- Title card
- Directed by: P. S. Nivas
- Written by: E. Ramdoss (dialogues)
- Screenplay by: G. K.
- Story by: G. K.
- Produced by: P. S. Nivas
- Starring: Suman Sumalatha Nisha Bhanu Chander
- Cinematography: P. S. Nivas
- Music by: Ilaiyaraaja
- Production company: Niveda Combines
- Release date: 11 September 1981;
- Running time: 160 minutes
- Country: India
- Language: Tamil

= Enakkaga Kaathiru =

Enakkaga Kaathiru is a 1981 Indian Tamil-language film directed and photographed by P. S. Nivas. The film stars Suman, Sumalatha and Bhanu Chander. It was released on 11 September 1981.

== Cast ==
- Suman
- Sumalatha
- Nisha
- Bhanu Chander

== Production ==
Enakkaga Kaathiru is Nivas' second film as director after Kallukkul Eeram (1980).
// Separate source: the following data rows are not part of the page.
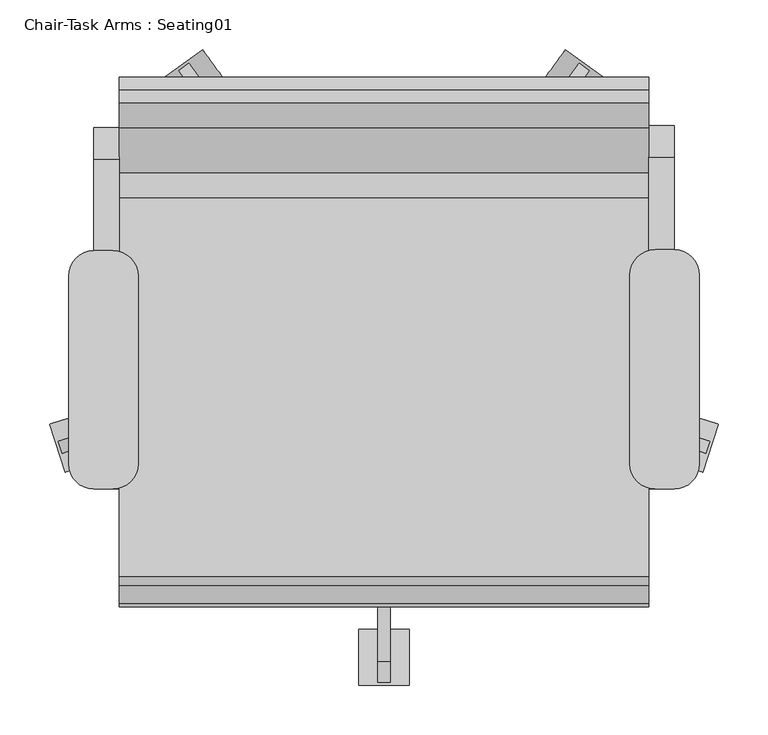
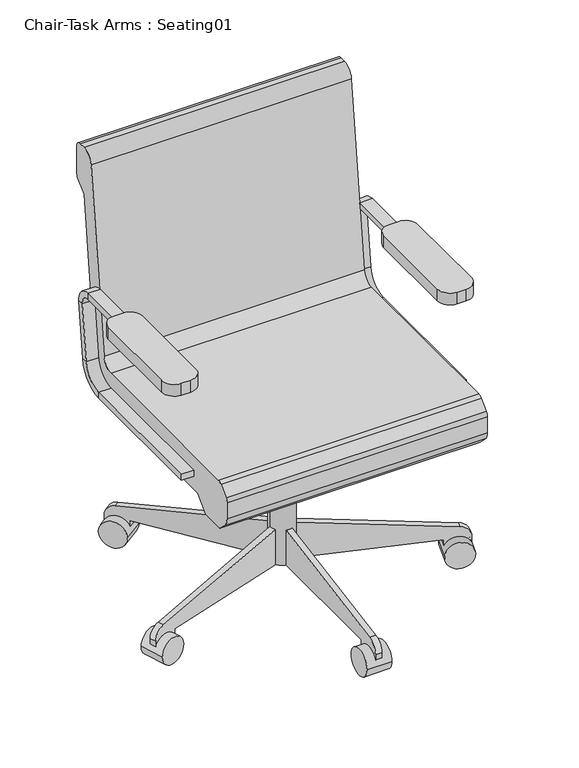
"""IFC4 building model written with IfcOpenShell, lengths in millimetres: furniture geometry, Chair-Task Arms : Seating01."""

from ifc_helpers import new_model, si_unit, point, frame, frame_2d, origin, place, context, project, spatial, polyline, circle_curve, trimmed, segment, composite_curve, outline, extrude, source, transform, mapped, element, save
from ifc_brep_helpers import plane_surface, cylinder_surface, revolved_surface, advanced_brep


def chair_task_arms_seating01_8395c10b(model_context):
    return source(origin(), model_context, "Body", "SolidModel", [
        extrude(outline(composite_curve([segment(trimmed(circle_curve(frame_2d((433.0908197, 48.8028048)), 25.4), [point((433.0908197, 74.2028048))], [point((458.4908197, 48.8028048))], False, "CARTESIAN"), True, "CONTINUOUS"), segment(polyline([(458.4908197, 48.8028048), (458.4908197, -141.6319091)]), True, "CONTINUOUS"), segment(trimmed(circle_curve(frame_2d((433.0908197, -141.6319091)), 25.4), [point((458.4908197, -141.6319091))], [point((433.0908197, -167.0319091))], False, "CARTESIAN"), True, "CONTINUOUS"), segment(polyline([(433.0908197, -167.0319091), (414.0408197, -167.0319091)]), True, "CONTINUOUS"), segment(trimmed(circle_curve(frame_2d((414.0408197, -141.6319091)), 25.4), [point((414.0408197, -167.0319091))], [point((388.6408197, -141.6319091))], False, "CARTESIAN"), True, "CONTINUOUS"), segment(polyline([(388.6408197, -141.6319091), (388.6408197, 48.8028048)]), True, "CONTINUOUS"), segment(trimmed(circle_curve(frame_2d((414.0408197, 48.8028048)), 25.4), [point((388.6408197, 48.8028048))], [point((414.0408197, 74.2028048))], False, "CARTESIAN"), True, "CONTINUOUS"), segment(polyline([(414.0408197, 74.2028048), (433.0908197, 74.2028048)]), True, "CONTINUOUS")], self_intersect=False)), frame((0.0, 0.0, 596.9), z_axis=(0.0, 0.0, 1.0), x_axis=(1.0, 0.0, 0.0)), (0.0, 0.0, 1.0), 25.4),
        extrude(outline(composite_curve([segment(trimmed(circle_curve(frame_2d((-132.0591803, 47.7575984)), 25.4), [point((-132.0591803, 73.1575984))], [point((-106.6591803, 47.7575984))], False, "CARTESIAN"), True, "CONTINUOUS"), segment(polyline([(-106.6591803, 47.7575984), (-106.6591803, -141.6319091)]), True, "CONTINUOUS"), segment(trimmed(circle_curve(frame_2d((-132.0591803, -141.6319091)), 25.4), [point((-106.6591803, -141.6319091))], [point((-132.0591803, -167.0319091))], False, "CARTESIAN"), True, "CONTINUOUS"), segment(polyline([(-132.0591803, -167.0319091), (-151.1091803, -167.0319091)]), True, "CONTINUOUS"), segment(trimmed(circle_curve(frame_2d((-151.1091803, -141.6319091)), 25.4), [point((-151.1091803, -167.0319091))], [point((-176.5091803, -141.6319091))], False, "CARTESIAN"), True, "CONTINUOUS"), segment(polyline([(-176.5091803, -141.6319091), (-176.5091803, 47.7575984)]), True, "CONTINUOUS"), segment(trimmed(circle_curve(frame_2d((-151.1091803, 47.7575984)), 25.4), [point((-176.5091803, 47.7575984))], [point((-151.1091803, 73.1575984))], False, "CARTESIAN"), True, "CONTINUOUS"), segment(polyline([(-151.1091803, 73.1575984), (-132.0591803, 73.1575984)]), True, "CONTINUOUS")], self_intersect=False)), frame((0.0, 0.0, 596.9), z_axis=(0.0, 0.0, 1.0), x_axis=(1.0, 0.0, 0.0)), (0.0, 0.0, 1.0), 25.4),
        advanced_brep(
        [(-151.1091803, -167.0319091, 412.75), (-125.7091803, -167.0319091, 412.75), (-125.7091803, -167.0319091, 425.45), (-151.1091803, -167.0319091, 425.45), (-151.1091803, 126.2388651, 425.45), (-151.1091803, 126.2388651, 412.75), (-125.7091803, 126.2388651, 425.45), (-125.7091803, 126.2388651, 412.75), (-151.1091803, 170.3844094, 464.7064065), (-151.1091803, 182.9974221, 463.2225227), (-125.7091803, 170.3844094, 464.7064065), (-125.7091803, 182.9974221, 463.2225227), (-151.1091803, 184.1806174, 581.9741742), (-151.1091803, 196.7936301, 580.4902904), (-125.7091803, 184.1806174, 581.9741742), (-125.7091803, 196.7936301, 580.4902904), (-151.1091803, 165.2610984, 603.25), (-151.1091803, 165.2610984, 615.95), (-125.7091803, 165.2610984, 603.25), (-125.7091803, 165.2610984, 615.95), (-151.1091803, -18.9459016, 615.95), (-151.1091803, -18.9459016, 603.25), (-125.7091803, -18.9459016, 603.25), (-125.7091803, -18.9459016, 615.95)],
        [
            (0, 1),
            (1, 2),
            (2, 3),
            (3, 0),
            (3, 4),
            (4, 5),
            (5, 0),
            (2, 6),
            (6, 4),
            (1, 7),
            (7, 6),
            (5, 7),
            (8, 9),
            (9, 5, circle_curve(frame((-151.1091803, 126.2388651, 469.9), z_axis=(-1.0, 0.0, 0.0), x_axis=(0.0, 0.0, -1.0)), 57.15)),
            (4, 8, circle_curve(frame((-151.1091803, 126.2388651, 469.9), z_axis=(1.0, 0.0, 0.0), x_axis=(0.0, 0.0, -1.0)), 44.45)),
            (10, 8),
            (6, 10, circle_curve(frame((-125.7091803, 126.2388651, 469.9), z_axis=(1.0, 0.0, 0.0), x_axis=(0.0, 0.0, -1.0)), 44.45)),
            (11, 10),
            (7, 11, circle_curve(frame((-125.7091803, 126.2388651, 469.9), z_axis=(1.0, 0.0, 0.0), x_axis=(0.0, 0.0, -1.0)), 57.15)),
            (9, 11),
            (8, 12),
            (12, 13),
            (13, 9),
            (10, 14),
            (14, 12),
            (11, 15),
            (15, 14),
            (13, 15),
            (16, 17),
            (17, 13, circle_curve(frame((-151.1091803, 165.2610984, 584.2), z_axis=(-1.0, 0.0, 0.0), x_axis=(0.0, 0.9931506043228768, -0.11684124756739202)), 31.75)),
            (12, 16, circle_curve(frame((-151.1091803, 165.2610984, 584.2), z_axis=(1.0, 0.0, 0.0), x_axis=(0.0, 0.9931506043228768, -0.11684124756739202)), 19.05)),
            (18, 16),
            (14, 18, circle_curve(frame((-125.7091803, 165.2610984, 584.2), z_axis=(1.0, 0.0, 0.0), x_axis=(0.0, 0.9931506043228768, -0.11684124756739202)), 19.05)),
            (19, 18),
            (15, 19, circle_curve(frame((-125.7091803, 165.2610984, 584.2), z_axis=(1.0, 0.0, 0.0), x_axis=(0.0, 0.9931506043228768, -0.11684124756739202)), 31.75)),
            (17, 19),
            (20, 21),
            (21, 22),
            (22, 23),
            (23, 20),
            (16, 21),
            (20, 17),
            (18, 22),
            (19, 23),
        ],
        [
            plane_surface(frame((-152.608212, -167.0319091, 419.1), z_axis=(0.0, -1.0, 0.0), x_axis=(0.0, 0.0, -1.0))),
            plane_surface(frame((-151.1091803, -167.0319091, 412.75), z_axis=(-1.0, 0.0, 0.0), x_axis=(0.0, 1.0, 0.0))),
            plane_surface(frame((-151.1091803, -167.0319091, 425.45), z_axis=(0.0, 0.0, 1.0), x_axis=(0.0, 1.0, 0.0))),
            plane_surface(frame((-125.7091803, -167.0319091, 425.45), z_axis=(1.0, 0.0, 0.0), x_axis=(0.0, 1.0, 0.0))),
            plane_surface(frame((-125.7091803, -167.0319091, 412.75), z_axis=(0.0, 0.0, -1.0), x_axis=(0.0, 1.0, 0.0))),
            plane_surface(frame((-151.1091803, 126.2388651, 469.9), z_axis=(-1.0, 0.0, 0.0), x_axis=(0.0, 0.0, -1.0))),
            revolved_surface(polyline([(-151.1091803, 126.2388651, 425.45), (-125.7091803, 126.2388651, 425.45)]), (-138.4091803, 126.2388651, 469.9), (-1.0, 0.0, 0.0)),
            plane_surface(frame((-125.7091803, 126.2388651, 469.9), z_axis=(1.0, 0.0, 0.0), x_axis=(0.0, 0.0, -1.0))),
            cylinder_surface(frame((-138.4091803, 126.2388651, 469.9), z_axis=(-1.0, 0.0, 0.0), x_axis=(0.0, 0.0, -1.0)), 57.15),
            plane_surface(frame((-151.1091803, 182.9974221, 463.2225227), z_axis=(-1.0, 0.0, 0.0), x_axis=(0.0, 0.1168412475673856, 0.9931506043228776))),
            plane_surface(frame((-151.1091803, 170.3844094, 464.7064065), z_axis=(0.0, -0.9931506043228776, 0.1168412475673856), x_axis=(0.0, 0.1168412475673856, 0.9931506043228776))),
            plane_surface(frame((-125.7091803, 170.3844094, 464.7064065), z_axis=(1.0, 0.0, 0.0), x_axis=(0.0, 0.1168412475673856, 0.9931506043228776))),
            plane_surface(frame((-125.7091803, 182.9974221, 463.2225227), z_axis=(0.0, 0.9931506043228776, -0.1168412475673856), x_axis=(0.0, 0.1168412475673856, 0.9931506043228776))),
            plane_surface(frame((-151.1091803, 165.2610984, 584.2), z_axis=(-1.0, 0.0, 0.0), x_axis=(0.0, 0.9931506043228768, -0.11684124756739202))),
            revolved_surface(polyline([(-151.1091803, 184.1806174123508, 581.9741742338413), (-125.7091803, 184.1806174123508, 581.9741742338413)]), (-138.4091803, 165.2610984, 584.2), (-1.0, 0.0, 0.0)),
            plane_surface(frame((-125.7091803, 165.2610984, 584.2), z_axis=(1.0, 0.0, 0.0), x_axis=(0.0, 0.9931506043228768, -0.11684124756739202))),
            cylinder_surface(frame((-138.4091803, 165.2610984, 584.2), z_axis=(-1.0, 0.0, 0.0), x_axis=(0.0, 0.9931506043228768, -0.11684124756739202)), 31.75),
            plane_surface(frame((-152.608212, -18.9459016, 609.6), z_axis=(0.0, -1.0, 0.0), x_axis=(0.0, 0.0, 1.0))),
            plane_surface(frame((-151.1091803, 165.2610984, 615.95), z_axis=(-1.0, 0.0, 0.0), x_axis=(0.0, -1.0, 0.0))),
            plane_surface(frame((-151.1091803, 165.2610984, 603.25), z_axis=(0.0, 0.0, -1.0), x_axis=(0.0, -1.0, 0.0))),
            plane_surface(frame((-125.7091803, 165.2610984, 603.25), z_axis=(1.0, 0.0, 0.0), x_axis=(0.0, -1.0, 0.0))),
            plane_surface(frame((-125.7091803, 165.2610984, 615.95), z_axis=(0.0, 0.0, 1.0), x_axis=(0.0, -1.0, 0.0))),
        ],
        [
            (0, [[1, 2, 3, 4]]),
            (1, [[5, 6, 7, -4]]),
            (2, [[8, 9, -5, -3]]),
            (3, [[10, 11, -8, -2]]),
            (4, [[-7, 12, -10, -1]]),
            (5, [[13, 14, -6, 15]]),
            (6, [[16, -15, -9, 17]]),
            (7, [[18, -17, -11, 19]]),
            (8, [[20, -19, -12, -14]]),
            (9, [[21, 22, 23, -13]]),
            (10, [[24, 25, -21, -16]]),
            (11, [[26, 27, -24, -18]]),
            (12, [[-23, 28, -26, -20]]),
            (13, [[29, 30, -22, 31]]),
            (14, [[32, -31, -25, 33]]),
            (15, [[34, -33, -27, 35]]),
            (16, [[36, -35, -28, -30]]),
            (17, [[37, 38, 39, 40]]),
            (18, [[41, -37, 42, -29]]),
            (19, [[43, -38, -41, -32]]),
            (20, [[44, -39, -43, -34]]),
            (21, [[-42, -40, -44, -36]]),
        ],
    ),
        advanced_brep(
        [(433.0908197, -167.0319091, 425.45), (407.6908197, -167.0319091, 425.45), (407.6908197, -167.0319091, 412.75), (433.0908197, -167.0319091, 412.75), (433.0908197, 128.329278, 412.75), (433.0908197, 128.329278, 425.45), (407.6908197, 128.329278, 412.75), (407.6908197, 128.329278, 425.45), (433.0908197, 185.0878351, 463.2225227), (433.0908197, 172.4748224, 464.7064065), (407.6908197, 185.0878351, 463.2225227), (407.6908197, 172.4748224, 464.7064065), (433.0908197, 198.884043, 580.4902904), (433.0908197, 186.2710303, 581.9741742), (407.6908197, 198.884043, 580.4902904), (407.6908197, 186.2710303, 581.9741742), (433.0908197, 167.3515113, 615.95), (433.0908197, 167.3515113, 603.25), (407.6908197, 167.3515113, 615.95), (407.6908197, 167.3515113, 603.25), (433.0908197, -18.9459016, 603.25), (433.0908197, -18.9459016, 615.95), (407.6908197, -18.9459016, 615.95), (407.6908197, -18.9459016, 603.25)],
        [
            (0, 1),
            (1, 2),
            (2, 3),
            (3, 0),
            (3, 4),
            (4, 5),
            (5, 0),
            (2, 6),
            (6, 4),
            (1, 7),
            (7, 6),
            (5, 7),
            (8, 9),
            (9, 5, circle_curve(frame((433.0908197, 128.329278, 469.9), z_axis=(-1.0, 0.0, 0.0), x_axis=(0.0, 0.0, -1.0)), 44.45)),
            (4, 8, circle_curve(frame((433.0908197, 128.329278, 469.9), z_axis=(1.0, 0.0, 0.0), x_axis=(0.0, 0.0, -1.0)), 57.15)),
            (10, 8),
            (6, 10, circle_curve(frame((407.6908197, 128.329278, 469.9), z_axis=(1.0, 0.0, 0.0), x_axis=(0.0, 0.0, -1.0)), 57.15)),
            (11, 10),
            (7, 11, circle_curve(frame((407.6908197, 128.329278, 469.9), z_axis=(1.0, 0.0, 0.0), x_axis=(0.0, 0.0, -1.0)), 44.45)),
            (9, 11),
            (8, 12),
            (12, 13),
            (13, 9),
            (10, 14),
            (14, 12),
            (11, 15),
            (15, 14),
            (13, 15),
            (16, 17),
            (17, 13, circle_curve(frame((433.0908197, 167.3515113, 584.2), z_axis=(-1.0, 0.0, 0.0), x_axis=(0.0, 0.9931506043228767, -0.1168412475673929)), 19.05)),
            (12, 16, circle_curve(frame((433.0908197, 167.3515113, 584.2), z_axis=(1.0, 0.0, 0.0), x_axis=(0.0, 0.9931506043228767, -0.1168412475673929)), 31.75)),
            (18, 16),
            (14, 18, circle_curve(frame((407.6908197, 167.3515113, 584.2), z_axis=(1.0, 0.0, 0.0), x_axis=(0.0, 0.9931506043228767, -0.1168412475673929)), 31.75)),
            (19, 18),
            (15, 19, circle_curve(frame((407.6908197, 167.3515113, 584.2), z_axis=(1.0, 0.0, 0.0), x_axis=(0.0, 0.9931506043228767, -0.1168412475673929)), 19.05)),
            (17, 19),
            (20, 21),
            (21, 22),
            (22, 23),
            (23, 20),
            (16, 21),
            (20, 17),
            (18, 22),
            (19, 23),
        ],
        [
            plane_surface(frame((406.191788, -167.0319091, 419.1), z_axis=(0.0, -1.0, 0.0), x_axis=(0.0, 0.0, -1.0))),
            plane_surface(frame((433.0908197, -167.0319091, 425.45), z_axis=(1.0, 0.0, 0.0), x_axis=(0.0, 1.0, 0.0))),
            plane_surface(frame((433.0908197, -167.0319091, 412.75), z_axis=(0.0, 0.0, -1.0), x_axis=(0.0, 1.0, 0.0))),
            plane_surface(frame((407.6908197, -167.0319091, 412.75), z_axis=(-1.0, 0.0, 0.0), x_axis=(0.0, 1.0, 0.0))),
            plane_surface(frame((407.6908197, -167.0319091, 425.45), z_axis=(0.0, 0.0, 1.0), x_axis=(0.0, 1.0, 0.0))),
            plane_surface(frame((433.0908197, 128.329278, 469.9), z_axis=(1.0, 0.0, 0.0), x_axis=(0.0, 0.0, -1.0))),
            cylinder_surface(frame((420.3908197, 128.329278, 469.9), z_axis=(-1.0, 0.0, 0.0), x_axis=(0.0, 0.0, -1.0)), 57.15),
            plane_surface(frame((407.6908197, 128.329278, 469.9), z_axis=(-1.0, 0.0, 0.0), x_axis=(0.0, 0.0, -1.0))),
            revolved_surface(polyline([(407.6908197, 128.329278, 425.45), (433.0908197, 128.329278, 425.45)]), (420.3908197, 128.329278, 469.9), (-1.0, 0.0, 0.0)),
            plane_surface(frame((433.0908197, 172.4748224, 464.7064065), z_axis=(1.0, 0.0, 0.0), x_axis=(0.0, 0.11684124756738626, 0.9931506043228775))),
            plane_surface(frame((433.0908197, 185.0878351, 463.2225227), z_axis=(0.0, 0.9931506043228775, -0.11684124756738619), x_axis=(0.0, 0.11684124756738619, 0.9931506043228775))),
            plane_surface(frame((407.6908197, 185.0878351, 463.2225227), z_axis=(-1.0, 0.0, 0.0), x_axis=(0.0, 0.11684124756738619, 0.9931506043228775))),
            plane_surface(frame((407.6908197, 172.4748224, 464.7064065), z_axis=(0.0, -0.9931506043228775, 0.11684124756738626), x_axis=(0.0, 0.11684124756738626, 0.9931506043228775))),
            plane_surface(frame((433.0908197, 167.3515113, 584.2), z_axis=(1.0, 0.0, 0.0), x_axis=(0.0, 0.9931506043228767, -0.1168412475673929))),
            cylinder_surface(frame((420.3908197, 167.3515113, 584.2), z_axis=(-1.0, 0.0, 0.0), x_axis=(0.0, 0.9931506043228767, -0.1168412475673929)), 31.75),
            plane_surface(frame((407.6908197, 167.3515113, 584.2), z_axis=(-1.0, 0.0, 0.0), x_axis=(0.0, 0.9931506043228767, -0.1168412475673929))),
            revolved_surface(polyline([(407.6908197, 186.2710303123508, 581.9741742338412), (433.0908197, 186.2710303123508, 581.9741742338412)]), (420.3908197, 167.3515113, 584.2), (-1.0, 0.0, 0.0)),
            plane_surface(frame((406.191788, -18.9459016, 609.6), z_axis=(0.0, -1.0, 0.0), x_axis=(0.0, 0.0, 1.0))),
            plane_surface(frame((433.0908197, 167.3515113, 603.25), z_axis=(1.0, 0.0, 0.0), x_axis=(0.0, -1.0, 0.0))),
            plane_surface(frame((433.0908197, 167.3515113, 615.95), z_axis=(0.0, 0.0, 1.0), x_axis=(0.0, -1.0, 0.0))),
            plane_surface(frame((407.6908197, 167.3515113, 615.95), z_axis=(-1.0, 0.0, 0.0), x_axis=(0.0, -1.0, 0.0))),
            plane_surface(frame((407.6908197, 167.3515113, 603.25), z_axis=(0.0, 0.0, -1.0), x_axis=(0.0, -1.0, 0.0))),
        ],
        [
            (0, [[1, 2, 3, 4]]),
            (1, [[5, 6, 7, -4]]),
            (2, [[8, 9, -5, -3]]),
            (3, [[10, 11, -8, -2]]),
            (4, [[-7, 12, -10, -1]]),
            (5, [[13, 14, -6, 15]]),
            (6, [[16, -15, -9, 17]]),
            (7, [[18, -17, -11, 19]]),
            (8, [[20, -19, -12, -14]]),
            (9, [[21, 22, 23, -13]]),
            (10, [[24, 25, -21, -16]]),
            (11, [[26, 27, -24, -18]]),
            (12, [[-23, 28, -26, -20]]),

The film was completely shot at Kashmir.

== Soundtrack ==
The music was composed by Ilaiyaraaja.

| Song | Singers | Lyrics | Length |
| "Dhaham" | Uma Ramanan | Vairamuthu | 03:40 |
| "Oh Nenjame" | Deepan Chakravarthy, S. Janaki | Gangai Amaran | 05:41 |
| "Ooty Malai" | Ilaiyaraaja | 04:40 |
| "Pani Mazhai" | Deepan Chakravarthy, S. P. Sailaja | 04:36 |

== Release and reception ==
Enakkaga Kaathiru was released on 11 September 1981. Sindhu and Jeeva of Kalki wrote this directorial venture of Nivas tested their patience and the film sinks when the karate and romance ratio goes awry and felt the actors were struggling to emote but praised the locations and Ilaiyaraaja's music.